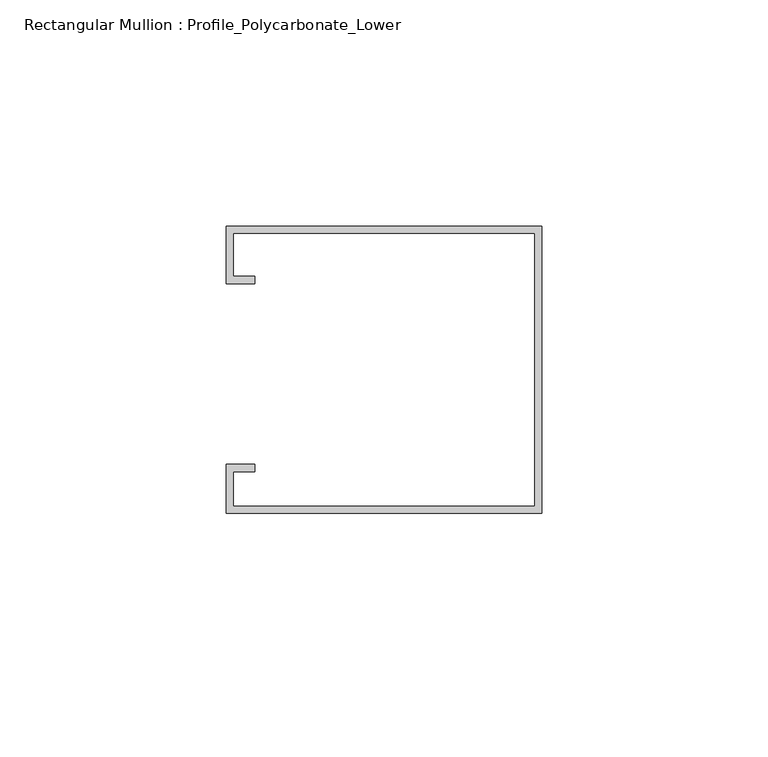
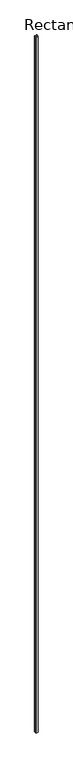
"""IFC4 building model written with IfcOpenShell, lengths in millimetres: member geometry, Rectangular Mullion : Profile_Polycarbonate_Lower."""

from ifc_helpers import new_model, si_unit, frame, origin, place, context, project, spatial, polyline, outline, extrude, source, transform, mapped, element, save


def rectangular_mullion_profile_polycarbonate_lower_fe6fa02e(model_context):
    return source(origin(), model_context, "Body", "SweptSolid", [
        extrude(outline(polyline([(0.0, 32.7), (0.0, -30.8), (-69.85, -30.8), (-69.85, -20.0), (-63.5, -20.0), (-63.5, -21.5875), (-68.2625, -21.5875), (-68.2625, -29.2125), (-1.5875, -29.2125), (-1.5875, 31.1125), (-68.2625, 31.1125), (-68.2625, 21.5875), (-63.5, 21.5875), (-63.5, 20.0), (-69.85, 20.0), (-69.85, 32.7), (0.0, 32.7)])), frame((0.0, 0.0, -21972.5875), z_axis=(0.0, 0.0, 1.0), x_axis=(1.0, 0.0, 0.0)), (0.0, 0.0, 1.0), 21972.5875),
    ])


if __name__ == "__main__":
    model = new_model("IFC4")
    model_context = context("Model", 3, world=origin())
    ifc_project = project(units=[si_unit("LENGTHUNIT", "METRE", prefix="MILLI")], contexts=[model_context])
    site = spatial("IfcSite", under=ifc_project)
    building = spatial("IfcBuilding", under=site)
    placement = place(None, origin())
    rectangular_mullion_profile_polycarbonate_lower_shape = rectangular_mullion_profile_polycarbonate_lower_fe6fa02e(model_context)
    element("IfcMember", 1, ObjectType="Rectangular Mullion : Profile_Polycarbonate_Lower", at=placement, inside=building, context=model_context, shape_type="MappedRepresentation", body=[
        mapped(rectangular_mullion_profile_polycarbonate_lower_shape, transform((0.0, 0.0, 0.0), x_axis=(1.0, 0.0, 0.0), y_axis=(0.0, 1.0, 0.0), z_axis=(0.0, 0.0, 1.0))),
    ])
    save(model, "model.ifc")

# Revit data of these elements
# Type "Rectangular Mullion : Profile_Polycarbonate_Lower"
#   built-in parameter 1007322 = 0.208333 (stored number, unit not read)
#   built-in parameter 1007321 = 0 (stored number, unit not read)
#   built-in parameter 1007320 = 0.00520833 (stored number, unit not read)
# Element 1 (IfcMember, "Rectangular Mullion : Profile_Polycarbonate_Lower")
#   Materials on its faces: "ALUMINUM PROFILE AT POLYCARBONATE PANEL"
# Materials
#   "ALUMINUM PROFILE AT POLYCARBONATE PANEL": class "Metal", colour RGB 244 244 244, transparency 0, Description = "Aluminum 6061", Cost = 0
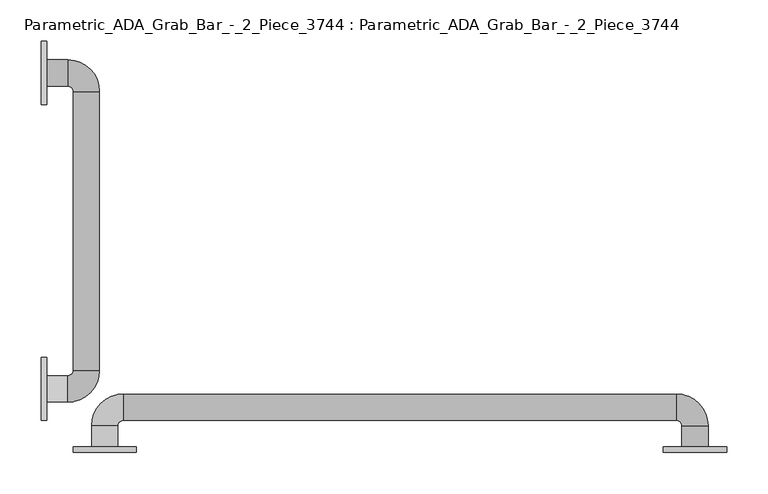
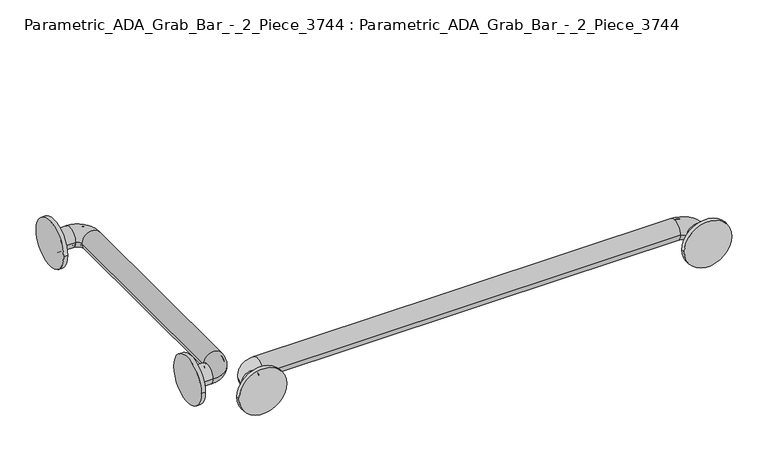
"""IFC4 building model written with IfcOpenShell, lengths in millimetres: proxy geometry, Parametric_ADA_Grab_Bar_-_2_Piece_3744 : Parametric_ADA_Grab_Bar_-_2_Piece_3744."""

from ifc_helpers import new_model, si_unit, point, frame, frame_2d, origin, place, context, project, spatial, polyline, circle_curve, ellipse_curve, trimmed, segment, composite_curve, outline, extrude, source, transform, mapped, element, save
from ifc_brep_helpers import plane_surface, cylinder_surface, revolved_surface, advanced_brep


def parametric_ada_grab_bar_2_piece_3744_parametric_ada_grab_bar_6f2753c4(model_context):
    return source(origin(), model_context, "Body", "SolidModel", [
        advanced_brep(
        [(6.35, 499.26875, 838.2), (6.35, 531.01875, 838.2), (6.35, 502.44375, 838.2), (6.35, 527.84375, 838.2), (31.75, 499.26875, 838.2), (31.75, 531.01875, 838.2), (31.75, 502.44375, 838.2), (31.75, 527.84375, 838.2), (69.85, 492.91875, 838.2), (38.1, 492.91875, 838.2), (66.675, 492.91875, 838.2), (41.275, 492.91875, 838.2), (38.1, 156.36875, 838.2), (69.85, 156.36875, 838.2), (41.275, 156.36875, 838.2), (66.675, 156.36875, 838.2), (31.75, 118.26875, 838.2), (31.75, 150.01875, 838.2), (31.75, 121.44375, 838.2), (31.75, 146.84375, 838.2), (6.35, 150.01875, 838.2), (6.35, 118.26875, 838.2), (6.35, 146.84375, 838.2), (6.35, 121.44375, 838.2)],
        [
            (0, 1, circle_curve(frame((6.35, 515.14375, 838.2), z_axis=(-1.0, 0.0, 0.0), x_axis=(0.0, 1.0, 0.0)), 15.875)),
            (1, 0, circle_curve(frame((6.35, 515.14375, 838.2), z_axis=(-1.0, 0.0, 0.0), x_axis=(0.0, 1.0, 0.0)), 15.875)),
            (2, 3, circle_curve(frame((6.35, 515.14375, 838.2), z_axis=(1.0, 0.0, 0.0), x_axis=(0.0, 1.0, 0.0)), 12.7)),
            (3, 2, circle_curve(frame((6.35, 515.14375, 838.2), z_axis=(1.0, 0.0, 0.0), x_axis=(0.0, 1.0, 0.0)), 12.7)),
            (0, 4),
            (4, 5, circle_curve(frame((31.75, 515.14375, 838.2), z_axis=(-1.0, 0.0, 0.0), x_axis=(0.0, 1.0, 0.0)), 15.875)),
            (5, 1),
            (5, 4, circle_curve(frame((31.75, 515.14375, 838.2), z_axis=(-1.0, 0.0, 0.0), x_axis=(0.0, 1.0, 0.0)), 15.875)),
            (2, 6),
            (6, 7, circle_curve(frame((31.75, 515.14375, 838.2), z_axis=(1.0, 0.0, 0.0), x_axis=(0.0, 1.0, 0.0)), 12.7)),
            (7, 3),
            (7, 6, circle_curve(frame((31.75, 515.14375, 838.2), z_axis=(1.0, 0.0, 0.0), x_axis=(0.0, 1.0, 0.0)), 12.7)),
            (8, 5, circle_curve(frame((31.75, 492.91875, 838.2), z_axis=(0.0, 0.0, 1.0), x_axis=(0.0, 1.0, 0.0)), 38.1)),
            (4, 9, circle_curve(frame((31.75, 492.91875, 838.2), z_axis=(0.0, 0.0, -1.0), x_axis=(0.0, 1.0, 0.0)), 6.35)),
            (9, 8, circle_curve(frame((53.975, 492.91875, 838.2), z_axis=(0.0, 1.0, 0.0), x_axis=(1.0, 0.0, 0.0)), 15.875)),
            (8, 9, circle_curve(frame((53.975, 492.91875, 838.2), z_axis=(0.0, 1.0, 0.0), x_axis=(1.0, 0.0, 0.0)), 15.875)),
            (10, 7, circle_curve(frame((31.75, 492.91875, 838.2), z_axis=(0.0, 0.0, 1.0), x_axis=(0.0, 1.0, 0.0)), 34.925)),
            (6, 11, circle_curve(frame((31.75, 492.91875, 838.2), z_axis=(0.0, 0.0, -1.0), x_axis=(0.0, 1.0, 0.0)), 9.525)),
            (11, 10, circle_curve(frame((53.975, 492.91875, 838.2), z_axis=(0.0, -1.0, 0.0), x_axis=(1.0, 0.0, 0.0)), 12.7)),
            (10, 11, circle_curve(frame((53.975, 492.91875, 838.2), z_axis=(0.0, -1.0, 0.0), x_axis=(1.0, 0.0, 0.0)), 12.7)),
            (9, 12),
            (12, 13, circle_curve(frame((53.975, 156.36875, 838.2), z_axis=(0.0, 1.0, 0.0), x_axis=(1.0, 0.0, 0.0)), 15.875)),
            (13, 8),
            (13, 12, circle_curve(frame((53.975, 156.36875, 838.2), z_axis=(0.0, 1.0, 0.0), x_axis=(1.0, 0.0, 0.0)), 15.875)),
            (11, 14),
            (14, 15, circle_curve(frame((53.975, 156.36875, 838.2), z_axis=(0.0, -1.0, 0.0), x_axis=(1.0, 0.0, 0.0)), 12.7)),
            (15, 10),
            (15, 14, circle_curve(frame((53.975, 156.36875, 838.2), z_axis=(0.0, -1.0, 0.0), x_axis=(1.0, 0.0, 0.0)), 12.7)),
            (16, 13, circle_curve(frame((31.75, 156.36875, 838.2), z_axis=(0.0, 0.0, 1.0), x_axis=(1.0, 0.0, 0.0)), 38.1)),
            (12, 17, circle_curve(frame((31.75, 156.36875, 838.2), z_axis=(0.0, 0.0, -1.0), x_axis=(1.0, 0.0, 0.0)), 6.35)),
            (17, 16, circle_curve(frame((31.75, 134.14375, 838.2), z_axis=(1.0, -1.0754999491619899e-12, 0.0), x_axis=(-1.0754999491619899e-12, -1.0, 0.0)), 15.875)),
            (16, 17, circle_curve(frame((31.75, 134.14375, 838.2), z_axis=(1.0, 0.0, 0.0), x_axis=(0.0, -1.0, 0.0)), 15.875)),
            (18, 15, circle_curve(frame((31.75, 156.36875, 838.2), z_axis=(0.0, 0.0, 1.0), x_axis=(1.0, 0.0, 0.0)), 34.925)),
            (14, 19, circle_curve(frame((31.75, 156.36875, 838.2), z_axis=(0.0, 0.0, -1.0), x_axis=(1.0, 0.0, 0.0)), 9.525)),
            (19, 18, circle_curve(frame((31.75, 134.14375, 838.2), z_axis=(-1.0, 0.0, 0.0), x_axis=(0.0, -1.0, 0.0)), 12.7)),
            (18, 19, circle_curve(frame((31.75, 134.14375, 838.2), z_axis=(-1.0, 0.0, 0.0), x_axis=(0.0, -1.0, 0.0)), 12.7)),
            (20, 21, circle_curve(frame((6.35, 134.14375, 838.2), z_axis=(-1.0, 0.0, 0.0), x_axis=(0.0, -1.0, 0.0)), 15.875)),
            (21, 20, circle_curve(frame((6.35, 134.14375, 838.2), z_axis=(-1.0, 0.0, 0.0), x_axis=(0.0, -1.0, 0.0)), 15.875)),
            (22, 23, circle_curve(frame((6.35, 134.14375, 838.2), z_axis=(1.0, 0.0, 0.0), x_axis=(0.0, -1.0, 0.0)), 12.7)),
            (23, 22, circle_curve(frame((6.35, 134.14375, 838.2), z_axis=(1.0, 0.0, 0.0), x_axis=(0.0, -1.0, 0.0)), 12.7)),
            (17, 20),
            (21, 16),
            (19, 22),
            (23, 18),
        ],
        [
            plane_surface(frame((6.35, 515.14375, 838.2), z_axis=(-1.0, 0.0, 0.0), x_axis=(0.0, 0.0, 1.0))),
            cylinder_surface(frame((6.35, 515.14375, 838.2), z_axis=(-1.0, 0.0, 0.0), x_axis=(0.0, 1.0, 0.0)), 15.875),
            revolved_surface(polyline([(31.75, 527.84375, 838.2), (6.35, 527.84375, 838.2)]), (6.35, 515.14375, 838.2), (1.0, 0.0, 0.0)),
            revolved_surface(trimmed(ellipse_curve(frame((31.75, 515.14375, 838.2), z_axis=(-1.0, 0.0, 0.0), x_axis=(0.0, 1.0, 0.0)), 15.875, 15.875), [point((31.75, 499.26875, 838.2))], [point((31.75, 531.01875, 838.2))], True, "CARTESIAN"), (31.75, 492.91875, 838.2), (0.0, 0.0, -1.0)),
            revolved_surface(trimmed(ellipse_curve(frame((31.75, 515.14375, 838.2), z_axis=(-1.0, 0.0, 0.0), x_axis=(0.0, 1.0, 0.0)), 15.875, 15.875), [point((31.75, 531.01875, 838.2))], [point((31.75, 499.26875, 838.2))], True, "CARTESIAN"), (31.75, 492.91875, 838.2), (0.0, 0.0, -1.0)),
            revolved_surface(trimmed(ellipse_curve(frame((31.75, 515.14375, 838.2), z_axis=(1.0, 0.0, 0.0), x_axis=(0.0, 1.0, 0.0)), 12.7, 12.7), [point((31.75, 502.44375, 838.2))], [point((31.75, 527.84375, 838.2))], True, "CARTESIAN"), (31.75, 492.91875, 838.2), (0.0, 0.0, -1.0)),
            revolved_surface(trimmed(ellipse_curve(frame((31.75, 515.14375, 838.2), z_axis=(1.0, 0.0, 0.0), x_axis=(0.0, 1.0, 0.0)), 12.7, 12.7), [point((31.75, 527.84375, 838.2))], [point((31.75, 502.44375, 838.2))], True, "CARTESIAN"), (31.75, 492.91875, 838.2), (0.0, 0.0, -1.0)),
            cylinder_surface(frame((53.975, 492.91875, 838.2), z_axis=(0.0, 1.0, 0.0), x_axis=(1.0, 0.0, 0.0)), 15.875),
            revolved_surface(polyline([(66.675, 156.36875000000003, 838.2), (66.675, 492.91875, 838.2)]), (53.975, 492.91875, 838.2), (0.0, -1.0, 0.0)),
            revolved_surface(trimmed(ellipse_curve(frame((53.975, 156.36875, 838.2), z_axis=(0.0, 1.0, 0.0), x_axis=(1.0, 0.0, 0.0)), 15.875, 15.875), [point((38.1, 156.36875, 838.2))], [point((69.85, 156.36875, 838.2))], True, "CARTESIAN"), (31.75, 156.36875, 838.2), (0.0, 0.0, -1.0)),
            revolved_surface(trimmed(ellipse_curve(frame((53.975, 156.36875, 838.2), z_axis=(0.0, 1.0, 0.0), x_axis=(1.0, 0.0, 0.0)), 15.875, 15.875), [point((69.85, 156.36875, 838.2))], [point((38.1, 156.36875, 838.2))], True, "CARTESIAN"), (31.75, 156.36875, 838.2), (0.0, 0.0, -1.0)),
            revolved_surface(trimmed(ellipse_curve(frame((53.975, 156.36875, 838.2), z_axis=(0.0, -1.0, 0.0), x_axis=(1.0, 0.0, 0.0)), 12.7, 12.7), [point((41.275, 156.36875, 838.2))], [point((66.675, 156.36875, 838.2))], True, "CARTESIAN"), (31.75, 156.36875, 838.2), (0.0, 0.0, -1.0)),
            revolved_surface(trimmed(ellipse_curve(frame((53.975, 156.36875, 838.2), z_axis=(0.0, -1.0, 0.0), x_axis=(1.0, 0.0, 0.0)), 12.7, 12.7), [point((66.675, 156.36875, 838.2))], [point((41.275, 156.36875, 838.2))], True, "CARTESIAN"), (31.75, 156.36875, 838.2), (0.0, 0.0, -1.0)),
            plane_surface(frame((6.35, 134.14375, 838.2), z_axis=(-1.0, 0.0, 0.0), x_axis=(0.0, 0.0, 1.0))),
            cylinder_surface(frame((31.75, 134.14375, 838.2), z_axis=(1.0, 0.0, 0.0), x_axis=(0.0, -1.0, 0.0)), 15.875),
            revolved_surface(polyline([(6.350000000000001, 121.44375000000001, 838.2), (31.75, 121.44375000000001, 838.2)]), (31.75, 134.14375, 838.2), (-1.0, 0.0, 0.0)),
        ],
        [
            (0, [[1, 2], [3, 4]]),
            (1, [[-1, 5, 6, 7]]),
            (1, [[-2, -7, 8, -5]]),
            (2, [[-3, 9, 10, 11]]),
            (2, [[-4, -11, 12, -9]]),
            (3, [[13, -6, 14, 15]]),
            (4, [[-14, -8, -13, 16]]),
            (5, [[17, -10, 18, 19]]),
            (6, [[-18, -12, -17, 20]]),
            (7, [[-15, 21, 22, 23]]),
            (7, [[-16, -23, 24, -21]]),
            (8, [[-19, 25, 26, 27]]),
            (8, [[-20, -27, 28, -25]]),
            (9, [[29, -22, 30, 31]]),
            (10, [[-30, -24, -29, 32]]),
            (11, [[33, -26, 34, 35]]),
            (12, [[-34, -28, -33, 36]]),
            (13, [[37, 38], [39, 40]]),
            (14, [[-31, 41, -38, 42]]),
            (14, [[-32, -42, -37, -41]]),
            (15, [[-35, 43, -40, 44]]),
            (15, [[-36, -44, -39, -43]]),
        ],
    ),
        advanced_brep(
        [(92.075, 64.29375, 838.2), (60.325, 64.29375, 838.2), (88.9, 64.29375, 838.2), (63.5, 64.29375, 838.2), (92.075, 89.69375, 838.2), (60.325, 89.69375, 838.2), (88.9, 89.69375, 838.2), (63.5, 89.69375, 838.2), (98.425, 127.79375, 838.2), (98.425, 96.04375, 838.2), (98.425, 124.61875, 838.2), (98.425, 99.21875, 838.2), (765.175, 96.04375, 838.2), (765.175, 127.79375, 838.2), (765.175, 99.21875, 838.2), (765.175, 124.61875, 838.2), (803.275, 89.69375, 838.2), (771.525, 89.69375, 838.2), (800.1, 89.69375, 838.2), (774.7, 89.69375, 838.2), (771.525, 64.29375, 838.2), (803.275, 64.29375, 838.2), (774.7, 64.29375, 838.2), (800.1, 64.29375, 838.2)],
        [
            (0, 1, circle_curve(frame((76.2, 64.29375, 838.2), z_axis=(0.0, -1.0, 0.0), x_axis=(-1.0, 0.0, 0.0)), 15.875)),
            (1, 0, circle_curve(frame((76.2, 64.29375, 838.2), z_axis=(0.0, -1.0, 0.0), x_axis=(-1.0, 0.0, 0.0)), 15.875)),
            (2, 3, circle_curve(frame((76.2, 64.29375, 838.2), z_axis=(0.0, 1.0, 0.0), x_axis=(-1.0, 0.0, 0.0)), 12.7)),
            (3, 2, circle_curve(frame((76.2, 64.29375, 838.2), z_axis=(0.0, 1.0, 0.0), x_axis=(-1.0, 0.0, 0.0)), 12.7)),
            (0, 4),
            (4, 5, circle_curve(frame((76.2, 89.69375, 838.2), z_axis=(0.0, -1.0, 0.0), x_axis=(-1.0, 0.0, 0.0)), 15.875)),
            (5, 1),
            (5, 4, circle_curve(frame((76.2, 89.69375, 838.2), z_axis=(0.0, -1.0, 0.0), x_axis=(-1.0, 0.0, 0.0)), 15.875)),
            (2, 6),
            (6, 7, circle_curve(frame((76.2, 89.69375, 838.2), z_axis=(0.0, 1.0, 0.0), x_axis=(-1.0, 0.0, 0.0)), 12.7)),
            (7, 3),
            (7, 6, circle_curve(frame((76.2, 89.69375, 838.2), z_axis=(0.0, 1.0, 0.0), x_axis=(-1.0, 0.0, 0.0)), 12.7)),
            (8, 5, circle_curve(frame((98.425, 89.69375, 838.2), z_axis=(0.0, 0.0, 1.0), x_axis=(-1.0, 0.0, 0.0)), 38.1)),
            (4, 9, circle_curve(frame((98.425, 89.69375, 838.2), z_axis=(0.0, 0.0, -1.0), x_axis=(-1.0, 0.0, 0.0)), 6.35)),
            (9, 8, circle_curve(frame((98.425, 111.91875, 838.2), z_axis=(-1.0, 0.0, 0.0), x_axis=(0.0, 1.0, 0.0)), 15.875)),
            (8, 9, circle_curve(frame((98.425, 111.91875, 838.2), z_axis=(-1.0, 0.0, 0.0), x_axis=(0.0, 1.0, 0.0)), 15.875)),
            (10, 7, circle_curve(frame((98.425, 89.69375, 838.2), z_axis=(0.0, 0.0, 1.0), x_axis=(-1.0, 0.0, 0.0)), 34.925)),
            (6, 11, circle_curve(frame((98.425, 89.69375, 838.2), z_axis=(0.0, 0.0, -1.0), x_axis=(-1.0, 0.0, 0.0)), 9.525)),
            (11, 10, circle_curve(frame((98.425, 111.91875, 838.2), z_axis=(1.0, 0.0, 0.0), x_axis=(0.0, 1.0, 0.0)), 12.7)),
            (10, 11, circle_curve(frame((98.425, 111.91875, 838.2), z_axis=(1.0, 0.0, 0.0), x_axis=(0.0, 1.0, 0.0)), 12.7)),
            (9, 12),
            (12, 13, circle_curve(frame((765.175, 111.91875, 838.2), z_axis=(-1.0, 0.0, 0.0), x_axis=(0.0, 1.0, 0.0)), 15.875)),
            (13, 8),
            (13, 12, circle_curve(frame((765.175, 111.91875, 838.2), z_axis=(-1.0, 0.0, 0.0), x_axis=(0.0, 1.0, 0.0)), 15.875)),
            (11, 14),
            (14, 15, circle_curve(frame((765.175, 111.91875, 838.2), z_axis=(1.0, 0.0, 0.0), x_axis=(0.0, 1.0, 0.0)), 12.7)),
            (15, 10),
            (15, 14, circle_curve(frame((765.175, 111.91875, 838.2), z_axis=(1.0, 0.0, 0.0), x_axis=(0.0, 1.0, 0.0)), 12.7)),
            (16, 13, circle_curve(frame((765.175, 89.69375, 838.2), z_axis=(0.0, 0.0, 1.0), x_axis=(0.0, 1.0, 0.0)), 38.1)),
            (12, 17, circle_curve(frame((765.175, 89.69375, 838.2), z_axis=(0.0, 0.0, -1.0), x_axis=(0.0, 1.0, 0.0)), 6.35)),
            (17, 16, circle_curve(frame((787.4, 89.69375, 838.2), z_axis=(1.0770542613964651e-12, 1.0, 0.0), x_axis=(1.0, -1.0770542613964651e-12, 0.0)), 15.875)),
            (16, 17, circle_curve(frame((787.4, 89.69375, 838.2), z_axis=(0.0, 1.0, 0.0), x_axis=(1.0, 0.0, 0.0)), 15.875)),
            (18, 15, circle_curve(frame((765.175, 89.69375, 838.2), z_axis=(0.0, 0.0, 1.0), x_axis=(0.0, 1.0, 0.0)), 34.925)),
            (14, 19, circle_curve(frame((765.175, 89.69375, 838.2), z_axis=(0.0, 0.0, -1.0), x_axis=(0.0, 1.0, 0.0)), 9.525)),
            (19, 18, circle_curve(frame((787.4, 89.69375, 838.2), z_axis=(0.0, -1.0, 0.0), x_axis=(1.0, 0.0, 0.0)), 12.7)),
            (18, 19, circle_curve(frame((787.4, 89.69375, 838.2), z_axis=(0.0, -1.0, 0.0), x_axis=(1.0, 0.0, 0.0)), 12.7)),
            (20, 21, circle_curve(frame((787.4, 64.29375, 838.2), z_axis=(0.0, -1.0, 0.0), x_axis=(1.0, 0.0, 0.0)), 15.875)),
            (21, 20, circle_curve(frame((787.4, 64.29375, 838.2), z_axis=(0.0, -1.0, 0.0), x_axis=(1.0, 0.0, 0.0)), 15.875)),
            (22, 23, circle_curve(frame((787.4, 64.29375, 838.2), z_axis=(0.0, 1.0, 0.0), x_axis=(1.0, 0.0, 0.0)), 12.7)),
            (23, 22, circle_curve(frame((787.4, 64.29375, 838.2), z_axis=(0.0, 1.0, 0.0), x_axis=(1.0, 0.0, 0.0)), 12.7)),
            (17, 20),
            (21, 16),
            (19, 22),
            (23, 18),
        ],
        [
            plane_surface(frame((76.2, 64.29375, 838.2), z_axis=(0.0, -1.0, 0.0), x_axis=(0.0, 0.0, 1.0))),
            cylinder_surface(frame((76.2, 64.29375, 838.2), z_axis=(0.0, -1.0, 0.0), x_axis=(-1.0, 0.0, 0.0)), 15.875),
            revolved_surface(polyline([(63.5, 89.69375, 838.2), (63.5, 64.29375, 838.2)]), (76.2, 64.29375, 838.2), (0.0, 1.0, 0.0)),
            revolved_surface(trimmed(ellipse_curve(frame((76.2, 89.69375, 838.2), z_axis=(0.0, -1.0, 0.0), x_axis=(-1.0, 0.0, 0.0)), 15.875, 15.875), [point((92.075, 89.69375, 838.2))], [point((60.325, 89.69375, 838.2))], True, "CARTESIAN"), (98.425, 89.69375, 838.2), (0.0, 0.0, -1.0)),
-------
◆ TASK TO CARRY OUT
Find all the lines with "placement" in the data and copy them.

◆ ANSWER FOR THE TASK
    placement = place(None, origin())
    element("IfcMember", 1, ObjectType="Rectangular Mullion : Profile_Polycarbonate_Lower", at=placement, inside=building, context=model_context, shape_type="MappedRepresentation", body=[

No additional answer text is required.